Starting at the first line of the entries below, please return exactly each line up to and including the one with "doc.units = 0"; pictures stay out.

*** PROVIDED DATA ***

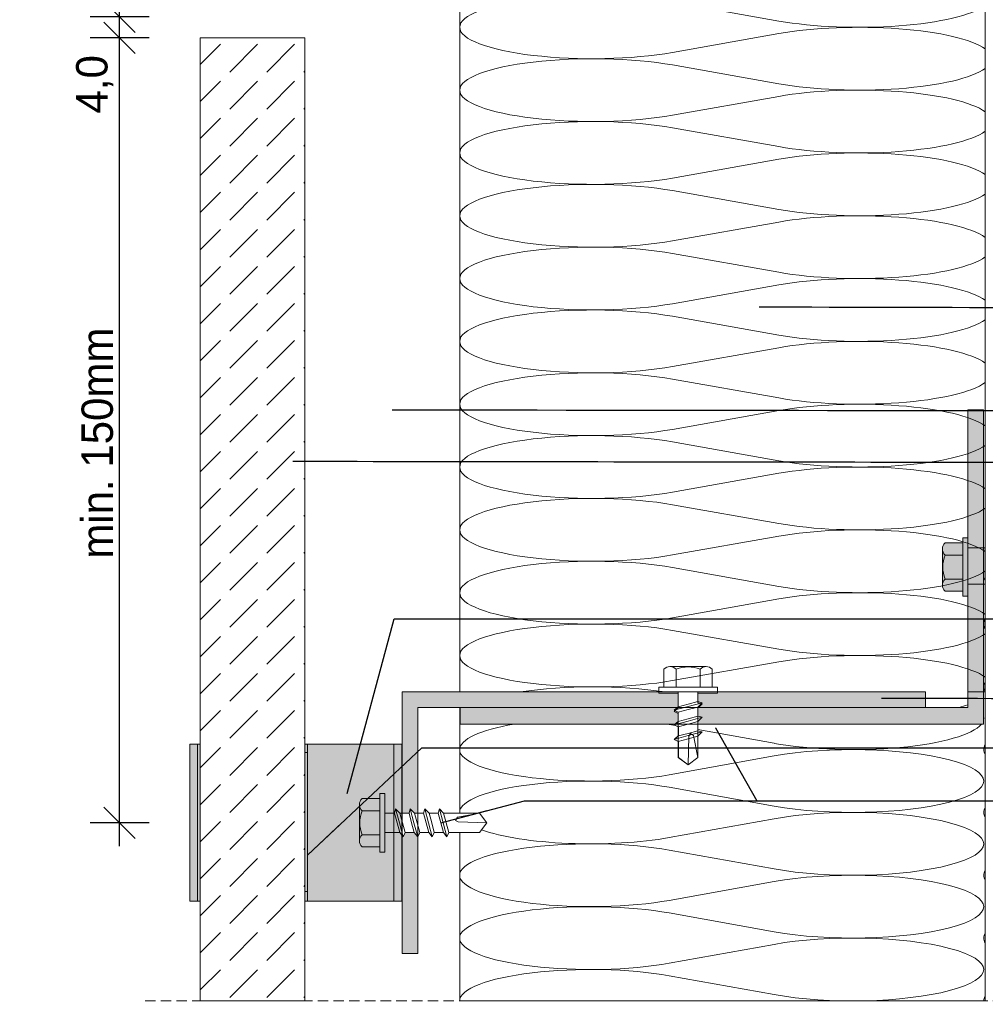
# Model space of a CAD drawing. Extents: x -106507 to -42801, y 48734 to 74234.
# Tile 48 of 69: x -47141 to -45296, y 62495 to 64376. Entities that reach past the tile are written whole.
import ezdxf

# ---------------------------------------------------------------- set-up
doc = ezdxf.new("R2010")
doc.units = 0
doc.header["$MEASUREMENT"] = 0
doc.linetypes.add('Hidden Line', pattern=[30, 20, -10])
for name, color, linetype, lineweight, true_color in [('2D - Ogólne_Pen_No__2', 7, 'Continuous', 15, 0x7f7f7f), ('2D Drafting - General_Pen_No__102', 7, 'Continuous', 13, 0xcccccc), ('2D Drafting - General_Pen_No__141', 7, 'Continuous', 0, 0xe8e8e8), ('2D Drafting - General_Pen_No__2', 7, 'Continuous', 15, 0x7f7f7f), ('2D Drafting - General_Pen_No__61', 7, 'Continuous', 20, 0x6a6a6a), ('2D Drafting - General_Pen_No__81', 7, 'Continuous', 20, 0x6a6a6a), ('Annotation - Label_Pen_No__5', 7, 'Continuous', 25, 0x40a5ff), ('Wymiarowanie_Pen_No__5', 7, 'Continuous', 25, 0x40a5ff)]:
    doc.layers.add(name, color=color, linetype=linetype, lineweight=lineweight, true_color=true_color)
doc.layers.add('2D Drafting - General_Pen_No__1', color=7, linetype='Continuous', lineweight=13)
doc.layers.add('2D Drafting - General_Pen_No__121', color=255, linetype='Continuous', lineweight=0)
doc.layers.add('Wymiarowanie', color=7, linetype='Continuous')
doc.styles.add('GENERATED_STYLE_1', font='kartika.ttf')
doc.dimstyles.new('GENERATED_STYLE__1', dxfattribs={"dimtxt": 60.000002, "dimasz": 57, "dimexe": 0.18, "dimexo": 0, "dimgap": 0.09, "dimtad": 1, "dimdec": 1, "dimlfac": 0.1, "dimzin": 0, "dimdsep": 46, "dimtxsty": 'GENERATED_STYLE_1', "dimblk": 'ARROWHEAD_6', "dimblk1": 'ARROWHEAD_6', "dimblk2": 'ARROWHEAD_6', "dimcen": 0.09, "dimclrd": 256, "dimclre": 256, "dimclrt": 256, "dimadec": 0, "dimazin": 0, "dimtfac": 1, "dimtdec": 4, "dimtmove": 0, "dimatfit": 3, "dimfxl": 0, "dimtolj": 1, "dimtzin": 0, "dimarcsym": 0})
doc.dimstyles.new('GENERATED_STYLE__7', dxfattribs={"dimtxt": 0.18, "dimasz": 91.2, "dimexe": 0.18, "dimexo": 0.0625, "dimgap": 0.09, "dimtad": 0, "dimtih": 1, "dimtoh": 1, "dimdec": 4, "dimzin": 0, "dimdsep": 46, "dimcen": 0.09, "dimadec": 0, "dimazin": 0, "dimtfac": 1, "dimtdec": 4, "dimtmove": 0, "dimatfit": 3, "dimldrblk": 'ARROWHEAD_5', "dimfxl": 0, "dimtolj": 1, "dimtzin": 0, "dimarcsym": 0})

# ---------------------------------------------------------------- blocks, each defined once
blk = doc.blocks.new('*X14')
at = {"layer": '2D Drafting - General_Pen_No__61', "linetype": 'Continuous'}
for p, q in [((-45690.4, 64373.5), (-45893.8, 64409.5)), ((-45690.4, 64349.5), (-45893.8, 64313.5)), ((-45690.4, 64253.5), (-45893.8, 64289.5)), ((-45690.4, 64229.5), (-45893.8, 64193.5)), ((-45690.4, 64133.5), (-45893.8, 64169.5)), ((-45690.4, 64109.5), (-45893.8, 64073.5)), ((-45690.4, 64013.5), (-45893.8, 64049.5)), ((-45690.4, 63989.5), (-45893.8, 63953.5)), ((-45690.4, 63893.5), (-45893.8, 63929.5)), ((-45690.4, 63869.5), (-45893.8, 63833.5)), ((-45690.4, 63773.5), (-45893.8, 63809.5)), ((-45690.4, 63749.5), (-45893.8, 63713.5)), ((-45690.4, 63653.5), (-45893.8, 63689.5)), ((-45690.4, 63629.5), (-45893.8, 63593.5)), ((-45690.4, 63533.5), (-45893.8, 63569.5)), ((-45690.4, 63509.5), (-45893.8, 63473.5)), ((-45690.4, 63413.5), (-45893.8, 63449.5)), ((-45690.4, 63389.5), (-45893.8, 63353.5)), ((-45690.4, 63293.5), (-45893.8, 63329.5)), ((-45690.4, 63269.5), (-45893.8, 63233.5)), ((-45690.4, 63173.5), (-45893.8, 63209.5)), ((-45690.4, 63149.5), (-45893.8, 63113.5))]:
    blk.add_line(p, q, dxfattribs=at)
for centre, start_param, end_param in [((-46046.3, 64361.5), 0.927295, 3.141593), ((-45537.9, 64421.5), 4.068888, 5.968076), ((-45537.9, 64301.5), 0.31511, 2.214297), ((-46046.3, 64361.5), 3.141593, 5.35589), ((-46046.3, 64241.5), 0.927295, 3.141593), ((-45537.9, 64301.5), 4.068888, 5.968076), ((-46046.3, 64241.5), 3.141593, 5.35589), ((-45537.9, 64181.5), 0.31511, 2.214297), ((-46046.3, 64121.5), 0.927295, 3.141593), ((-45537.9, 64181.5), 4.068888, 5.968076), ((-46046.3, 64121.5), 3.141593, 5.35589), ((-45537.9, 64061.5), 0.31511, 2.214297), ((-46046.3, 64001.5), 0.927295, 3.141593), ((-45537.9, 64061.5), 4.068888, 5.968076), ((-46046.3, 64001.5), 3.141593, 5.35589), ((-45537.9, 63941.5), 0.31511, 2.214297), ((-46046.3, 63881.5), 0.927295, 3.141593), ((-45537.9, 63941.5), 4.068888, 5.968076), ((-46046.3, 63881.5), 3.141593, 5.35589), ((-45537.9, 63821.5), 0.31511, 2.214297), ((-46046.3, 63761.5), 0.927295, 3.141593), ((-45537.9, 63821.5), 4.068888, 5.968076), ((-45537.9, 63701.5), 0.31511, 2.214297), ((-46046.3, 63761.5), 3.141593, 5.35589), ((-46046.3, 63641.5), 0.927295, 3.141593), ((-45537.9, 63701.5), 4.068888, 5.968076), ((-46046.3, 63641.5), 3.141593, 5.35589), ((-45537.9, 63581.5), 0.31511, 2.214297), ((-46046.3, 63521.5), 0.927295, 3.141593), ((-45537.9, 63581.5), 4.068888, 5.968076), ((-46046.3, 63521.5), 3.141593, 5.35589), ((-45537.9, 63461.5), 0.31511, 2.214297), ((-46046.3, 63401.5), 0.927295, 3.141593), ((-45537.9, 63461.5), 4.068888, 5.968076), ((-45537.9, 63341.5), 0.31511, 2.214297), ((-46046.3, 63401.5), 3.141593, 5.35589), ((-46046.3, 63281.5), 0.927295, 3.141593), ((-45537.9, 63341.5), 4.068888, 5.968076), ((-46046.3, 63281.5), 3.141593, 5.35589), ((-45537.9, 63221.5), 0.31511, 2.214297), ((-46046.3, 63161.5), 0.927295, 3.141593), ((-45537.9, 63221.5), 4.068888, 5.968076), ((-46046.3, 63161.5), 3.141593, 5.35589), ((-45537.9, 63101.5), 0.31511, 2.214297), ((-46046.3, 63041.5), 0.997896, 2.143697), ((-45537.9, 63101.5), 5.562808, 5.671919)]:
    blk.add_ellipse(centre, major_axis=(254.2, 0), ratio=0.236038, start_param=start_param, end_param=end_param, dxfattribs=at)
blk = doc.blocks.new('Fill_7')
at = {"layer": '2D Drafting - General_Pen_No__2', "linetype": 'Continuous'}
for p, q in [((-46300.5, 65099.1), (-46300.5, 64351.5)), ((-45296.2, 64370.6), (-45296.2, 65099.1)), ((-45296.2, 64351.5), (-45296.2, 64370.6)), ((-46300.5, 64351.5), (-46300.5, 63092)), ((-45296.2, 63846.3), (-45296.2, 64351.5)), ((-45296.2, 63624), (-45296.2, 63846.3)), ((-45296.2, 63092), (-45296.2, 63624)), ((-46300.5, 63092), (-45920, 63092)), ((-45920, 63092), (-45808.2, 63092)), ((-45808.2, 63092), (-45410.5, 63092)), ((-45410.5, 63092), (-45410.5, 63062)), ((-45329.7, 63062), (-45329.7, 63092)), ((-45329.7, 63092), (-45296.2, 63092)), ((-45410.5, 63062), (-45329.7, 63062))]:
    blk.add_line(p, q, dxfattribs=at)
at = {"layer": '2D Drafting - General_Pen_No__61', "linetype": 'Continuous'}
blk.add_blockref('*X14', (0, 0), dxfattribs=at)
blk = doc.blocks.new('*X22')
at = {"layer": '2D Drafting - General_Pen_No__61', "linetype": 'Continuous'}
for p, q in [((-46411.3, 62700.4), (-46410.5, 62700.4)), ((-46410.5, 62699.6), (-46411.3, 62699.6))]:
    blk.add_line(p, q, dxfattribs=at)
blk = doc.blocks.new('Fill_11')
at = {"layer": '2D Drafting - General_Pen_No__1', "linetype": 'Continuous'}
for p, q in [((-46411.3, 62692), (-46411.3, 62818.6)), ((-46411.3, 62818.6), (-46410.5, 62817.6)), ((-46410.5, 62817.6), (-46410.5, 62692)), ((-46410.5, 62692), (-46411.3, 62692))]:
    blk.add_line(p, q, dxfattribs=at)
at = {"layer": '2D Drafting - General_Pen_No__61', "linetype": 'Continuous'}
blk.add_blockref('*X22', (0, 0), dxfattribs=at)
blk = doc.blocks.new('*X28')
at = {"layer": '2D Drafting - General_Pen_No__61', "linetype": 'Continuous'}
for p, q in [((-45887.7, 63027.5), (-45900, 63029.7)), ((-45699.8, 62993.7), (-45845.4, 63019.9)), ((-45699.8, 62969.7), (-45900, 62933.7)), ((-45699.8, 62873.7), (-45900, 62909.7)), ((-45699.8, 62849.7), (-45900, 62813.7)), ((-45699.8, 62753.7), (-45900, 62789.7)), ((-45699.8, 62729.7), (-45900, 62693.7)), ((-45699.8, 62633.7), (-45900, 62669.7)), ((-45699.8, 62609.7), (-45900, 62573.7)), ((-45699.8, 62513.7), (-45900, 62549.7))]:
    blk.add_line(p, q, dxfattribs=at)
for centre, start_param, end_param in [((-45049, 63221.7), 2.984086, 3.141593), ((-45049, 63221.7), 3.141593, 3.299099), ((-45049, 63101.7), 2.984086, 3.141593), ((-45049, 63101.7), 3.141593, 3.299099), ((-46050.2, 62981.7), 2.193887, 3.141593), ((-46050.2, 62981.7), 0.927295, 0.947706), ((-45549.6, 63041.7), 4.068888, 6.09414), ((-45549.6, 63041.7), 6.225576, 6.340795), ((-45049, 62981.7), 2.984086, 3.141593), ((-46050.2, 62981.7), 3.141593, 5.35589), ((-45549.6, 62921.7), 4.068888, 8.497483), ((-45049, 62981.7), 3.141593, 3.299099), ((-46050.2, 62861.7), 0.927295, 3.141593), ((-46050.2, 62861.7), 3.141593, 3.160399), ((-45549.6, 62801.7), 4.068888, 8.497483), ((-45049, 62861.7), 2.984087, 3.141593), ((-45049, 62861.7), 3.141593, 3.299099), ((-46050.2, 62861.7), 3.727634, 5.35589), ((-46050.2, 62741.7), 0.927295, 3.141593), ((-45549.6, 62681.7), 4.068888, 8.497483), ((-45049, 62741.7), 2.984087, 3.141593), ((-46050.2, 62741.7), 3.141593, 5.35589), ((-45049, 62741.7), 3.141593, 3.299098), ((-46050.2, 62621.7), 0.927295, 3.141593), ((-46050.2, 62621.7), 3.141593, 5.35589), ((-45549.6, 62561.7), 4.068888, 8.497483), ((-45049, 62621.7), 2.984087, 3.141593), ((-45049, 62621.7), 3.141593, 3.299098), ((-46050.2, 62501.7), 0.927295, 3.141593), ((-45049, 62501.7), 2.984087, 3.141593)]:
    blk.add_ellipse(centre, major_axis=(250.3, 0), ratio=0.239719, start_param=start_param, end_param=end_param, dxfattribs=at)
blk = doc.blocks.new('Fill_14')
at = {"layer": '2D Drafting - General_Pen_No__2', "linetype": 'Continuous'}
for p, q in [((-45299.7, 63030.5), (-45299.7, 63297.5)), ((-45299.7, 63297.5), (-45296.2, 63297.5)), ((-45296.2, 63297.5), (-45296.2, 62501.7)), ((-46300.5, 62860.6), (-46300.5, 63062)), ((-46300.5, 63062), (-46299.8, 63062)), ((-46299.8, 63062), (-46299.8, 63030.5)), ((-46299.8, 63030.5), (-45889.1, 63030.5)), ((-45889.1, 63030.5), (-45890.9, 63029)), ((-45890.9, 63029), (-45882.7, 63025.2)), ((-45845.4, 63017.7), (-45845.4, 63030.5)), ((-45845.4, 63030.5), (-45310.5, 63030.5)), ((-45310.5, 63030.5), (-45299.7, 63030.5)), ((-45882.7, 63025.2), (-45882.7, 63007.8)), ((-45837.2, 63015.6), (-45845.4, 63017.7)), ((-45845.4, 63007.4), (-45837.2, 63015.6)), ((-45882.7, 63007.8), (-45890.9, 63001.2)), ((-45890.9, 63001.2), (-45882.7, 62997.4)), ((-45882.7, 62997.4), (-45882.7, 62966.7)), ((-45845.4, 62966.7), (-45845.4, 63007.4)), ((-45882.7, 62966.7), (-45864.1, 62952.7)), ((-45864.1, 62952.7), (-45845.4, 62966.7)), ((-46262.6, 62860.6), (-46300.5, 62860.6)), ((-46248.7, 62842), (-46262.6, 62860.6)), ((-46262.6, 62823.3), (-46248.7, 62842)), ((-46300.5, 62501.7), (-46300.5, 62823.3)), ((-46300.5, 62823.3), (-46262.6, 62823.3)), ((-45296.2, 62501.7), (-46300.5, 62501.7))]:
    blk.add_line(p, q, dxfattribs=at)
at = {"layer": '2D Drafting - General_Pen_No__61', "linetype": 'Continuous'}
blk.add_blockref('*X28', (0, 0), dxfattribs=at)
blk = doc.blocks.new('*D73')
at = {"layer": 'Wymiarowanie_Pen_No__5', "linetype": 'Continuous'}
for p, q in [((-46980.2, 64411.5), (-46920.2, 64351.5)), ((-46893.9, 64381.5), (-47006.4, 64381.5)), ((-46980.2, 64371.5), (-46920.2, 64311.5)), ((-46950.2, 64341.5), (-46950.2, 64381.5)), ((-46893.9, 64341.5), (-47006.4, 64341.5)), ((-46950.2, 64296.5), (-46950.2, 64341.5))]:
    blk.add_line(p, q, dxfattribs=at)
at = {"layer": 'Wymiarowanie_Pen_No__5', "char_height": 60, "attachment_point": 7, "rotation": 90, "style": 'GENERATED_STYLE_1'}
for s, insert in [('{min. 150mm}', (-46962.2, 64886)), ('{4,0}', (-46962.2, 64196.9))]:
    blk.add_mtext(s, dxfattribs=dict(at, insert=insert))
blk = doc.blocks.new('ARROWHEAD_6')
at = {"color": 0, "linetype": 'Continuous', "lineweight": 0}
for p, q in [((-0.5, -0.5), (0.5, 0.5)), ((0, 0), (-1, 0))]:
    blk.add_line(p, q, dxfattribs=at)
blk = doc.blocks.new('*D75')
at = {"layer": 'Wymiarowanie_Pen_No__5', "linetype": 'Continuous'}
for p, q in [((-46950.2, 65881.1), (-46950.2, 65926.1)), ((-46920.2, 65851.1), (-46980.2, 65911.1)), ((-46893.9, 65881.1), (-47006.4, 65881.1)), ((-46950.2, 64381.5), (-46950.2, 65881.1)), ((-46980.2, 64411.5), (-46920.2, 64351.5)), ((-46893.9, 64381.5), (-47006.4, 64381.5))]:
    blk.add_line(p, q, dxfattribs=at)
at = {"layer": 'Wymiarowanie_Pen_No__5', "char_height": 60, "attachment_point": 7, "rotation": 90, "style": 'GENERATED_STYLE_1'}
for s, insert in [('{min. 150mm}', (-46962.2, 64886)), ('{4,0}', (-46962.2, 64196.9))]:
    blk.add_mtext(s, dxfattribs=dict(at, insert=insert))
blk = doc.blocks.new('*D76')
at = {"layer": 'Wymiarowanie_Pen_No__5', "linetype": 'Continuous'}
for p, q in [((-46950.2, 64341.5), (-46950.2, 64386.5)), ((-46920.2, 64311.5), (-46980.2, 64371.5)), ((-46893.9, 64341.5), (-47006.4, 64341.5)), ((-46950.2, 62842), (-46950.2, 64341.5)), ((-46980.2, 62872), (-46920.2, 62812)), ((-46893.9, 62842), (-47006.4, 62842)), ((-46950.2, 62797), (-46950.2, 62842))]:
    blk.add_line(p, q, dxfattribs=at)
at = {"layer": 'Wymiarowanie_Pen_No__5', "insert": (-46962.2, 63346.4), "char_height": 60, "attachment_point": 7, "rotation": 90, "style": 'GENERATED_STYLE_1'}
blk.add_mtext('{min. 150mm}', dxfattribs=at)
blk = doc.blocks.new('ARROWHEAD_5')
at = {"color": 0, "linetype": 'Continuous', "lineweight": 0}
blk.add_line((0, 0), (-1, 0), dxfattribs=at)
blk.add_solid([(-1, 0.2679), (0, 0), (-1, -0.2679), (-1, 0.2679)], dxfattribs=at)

*** End of PROVIDED DATA ***

SOLUTION TO THIS PROBLEM ->
# Model space of a CAD drawing. Extents: x -106507 to -42801, y 48734 to 74234.
# Tile 48 of 69: x -47141 to -45296, y 62495 to 64376. Entities that reach past the tile are written whole.
import ezdxf

# ---------------------------------------------------------------- set-up
doc = ezdxf.new("R2010")
doc.units = 0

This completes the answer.